What the exercise asks
Return every record below exactly; leave out the images.

Start of Supplied entries

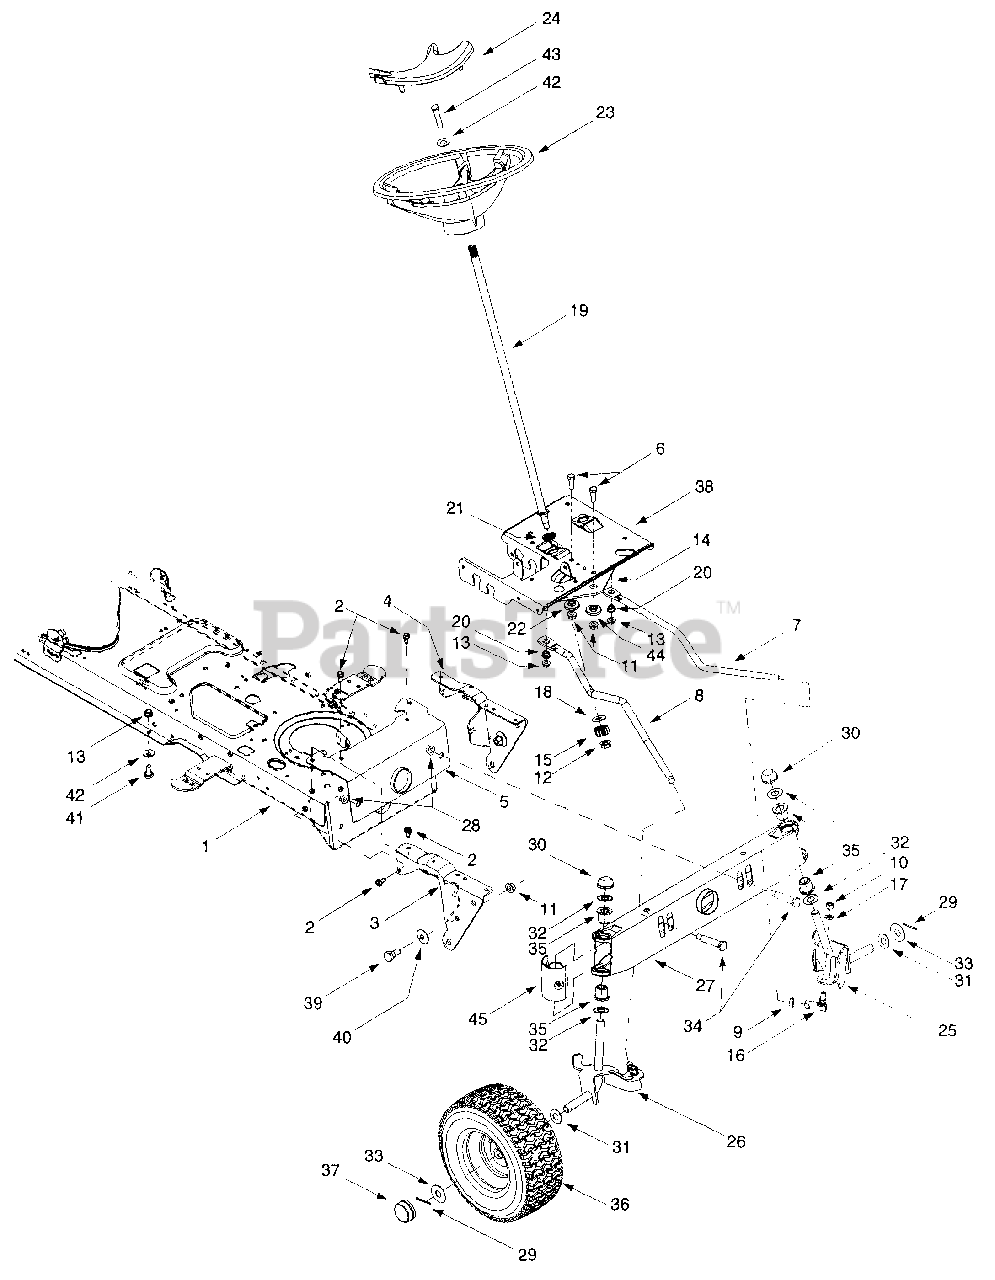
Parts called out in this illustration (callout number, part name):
6	Hex Cap Screw, 3/8-16 x 1 (Grade 5)
7	LH Drag Link
8	RH Drag Link
9	Jam Nut, 7/16-20 (Grade 2)
10	Hex Nut, 3/8-24 (Grade 2)
11	Flange Lock Nut, 3/8-16
12	Flange Lock Nut, 7/16-20
13	Flange Lock Nut, 5/16-18
14	Steering Gear, 11/90 Ratio
15	Steering Pinion Gear
16	Ball Joint, 7/16-20
17	Lock Washer, 3/8
18	Flat Washer, .51 x 1.12 x .06
19	Steering Shaft, .625 OD x 24.4
20	Plastic Bushing, .38 ID
21	Hex Flange Bearing, 5/8
22	Shoulder Spacer, .38 ID
23	Steering Wheel
24	Steering Wheel Cap w/ Logo
25	LH Axle Assembly, .625 Diameter
26	RH Axle Assembly, .625 Diameter
28	Flange Lock Nut, 3/8-16
29	Cotter Pin
30	Push Cap, 5/8
31	Flat Washer, .64 x 1.0 x .12
32	Flat Washer, .64 x 1.24 x .06
33	Flat Washer, .635 x 1.589 x .06
34	Shoulder Screw, .5 x 2.2, 3/8-16
35	Flange Bearing, .632 ID x .937 OD
39	Shoulder Screw, .625 x .50, 7/16-20
40	Bell Washer, .39 x 1.13 x .062
41	Shoulder Screw, .435 x .178, 5/16 x .56
42	Bell Washer, .34 x .872
43	Hex Bolt, 5/16-18 X 1
44	Shoulder Spacer, .38 ID
45	Pivot Bar End Cap
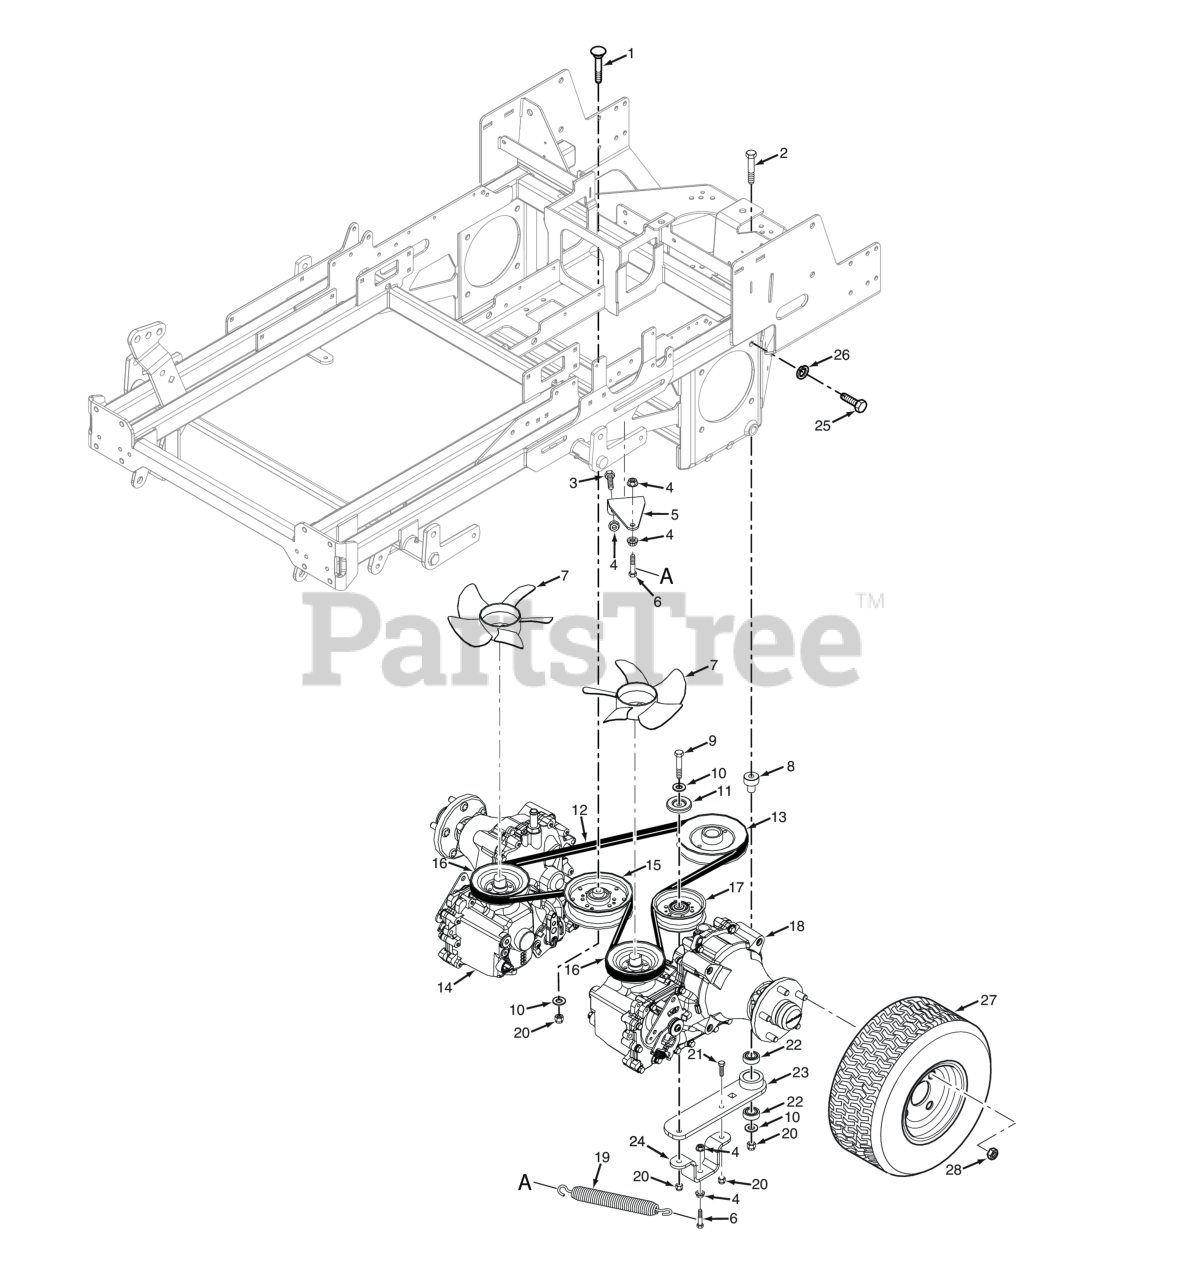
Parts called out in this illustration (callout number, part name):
1	Carriage Bolt, 3/8-16 x 2-1/2"
2	Bolt, Hex Head 3/8-16 x 3" - 52"
3	Bolt, Hex Head, 3/8-16 x 1 Gr. 5
4	NUT, 3/8-16 SERRATED FLANGE HEX HEAD
5	Mounting Bracket, Spring - Idler Arm
6	Bolt, Hex Head 3/8-16 x 1-1/2" Grade 8 Black
7	Kit, Fan / Pulley
8	Pivot, Idler Long - 52"
9	Capscrew, Hex Head 3/8-16 x 2.75"
10	Flatwasher, 3/8 (.391 x .938 x .105 HD) Grade 8
11	Quick Pin, 5/16" Dia.
12	Belt, Pump Drive STT
13	Pulley, 5.80" Dia. - 1.125 Bore
14	Transaxle, RH
15	Idler Pulley, Belt Clutch
16	Kit, Fan / Pulley
17	Pulley, 4" Dia. Idler
18	Transaxle, LH
19	Spring, Pump Drive
20	HEX NUT, ELASTIC STOP LOCK, 3/8-16
21	Bolt, Hex Head 3/8-16 x 1-1/4", Kawasaki FX / FS
22	BEARINGS, BALL, NEUTRAL RETURN
23	Idler Arm Assembly
24	Mounting Bracket, Idler
25	Bolt, Hex Head 1/2-13 x 1-1/4"
26	Lockwasher, 1/2" Spring
27	Wheel Assembly, 24 x 12-12 4-Ply (5-Hole)
27	Rim w/Valve Stem
27	Tire, 24 x 12-12 Turf Master
28	Wheel Nut, 1/2-20 x 13/16

End of Supplied entries

Answer for the task
Parts called out in this illustration (callout number, part name):
6	Hex Cap Screw, 3/8-16 x 1 (Grade 5)
7	LH Drag Link
8	RH Drag Link
9	Jam Nut, 7/16-20 (Grade 2)
10	Hex Nut, 3/8-24 (Grade 2)
11	Flange Lock Nut, 3/8-16
12	Flange Lock Nut, 7/16-20
13	Flange Lock Nut, 5/16-18
14	Steering Gear, 11/90 Ratio
15	Steering Pinion Gear
16	Ball Joint, 7/16-20
17	Lock Washer, 3/8
18	Flat Washer, .51 x 1.12 x .06
19	Steering Shaft, .625 OD x 24.4
20	Plastic Bushing, .38 ID
21	Hex Flange Bearing, 5/8
22	Shoulder Spacer, .38 ID
23	Steering Wheel
24	Steering Wheel Cap w/ Logo
25	LH Axle Assembly, .625 Diameter
26	RH Axle Assembly, .625 Diameter
28	Flange Lock Nut, 3/8-16
29	Cotter Pin
30	Push Cap, 5/8
31	Flat Washer, .64 x 1.0 x .12
32	Flat Washer, .64 x 1.24 x .06
33	Flat Washer, .635 x 1.589 x .06
34	Shoulder Screw, .5 x 2.2, 3/8-16
35	Flange Bearing, .632 ID x .937 OD
39	Shoulder Screw, .625 x .50, 7/16-20
40	Bell Washer, .39 x 1.13 x .062
41	Shoulder Screw, .435 x .178, 5/16 x .56
42	Bell Washer, .34 x .872
43	Hex Bolt, 5/16-18 X 1
44	Shoulder Spacer, .38 ID
45	Pivot Bar End Cap
Parts called out in this illustration (callout number, part name):
1	Carriage Bolt, 3/8-16 x 2-1/2"
2	Bolt, Hex Head 3/8-16 x 3" - 52"
3	Bolt, Hex Head, 3/8-16 x 1 Gr. 5
4	NUT, 3/8-16 SERRATED FLANGE HEX HEAD
5	Mounting Bracket, Spring - Idler Arm
6	Bolt, Hex Head 3/8-16 x 1-1/2" Grade 8 Black
7	Kit, Fan / Pulley
8	Pivot, Idler Long - 52"
9	Capscrew, Hex Head 3/8-16 x 2.75"
10	Flatwasher, 3/8 (.391 x .938 x .105 HD) Grade 8
11	Quick Pin, 5/16" Dia.
12	Belt, Pump Drive STT
13	Pulley, 5.80" Dia. - 1.125 Bore
14	Transaxle, RH
15	Idler Pulley, Belt Clutch
16	Kit, Fan / Pulley
17	Pulley, 4" Dia. Idler
18	Transaxle, LH
19	Spring, Pump Drive
20	HEX NUT, ELASTIC STOP LOCK, 3/8-16
21	Bolt, Hex Head 3/8-16 x 1-1/4", Kawasaki FX / FS
22	BEARINGS, BALL, NEUTRAL RETURN
23	Idler Arm Assembly
24	Mounting Bracket, Idler
25	Bolt, Hex Head 1/2-13 x 1-1/4"
26	Lockwasher, 1/2" Spring
27	Wheel Assembly, 24 x 12-12 4-Ply (5-Hole)
27	Rim w/Valve Stem
27	Tire, 24 x 12-12 Turf Master
28	Wheel Nut, 1/2-20 x 13/16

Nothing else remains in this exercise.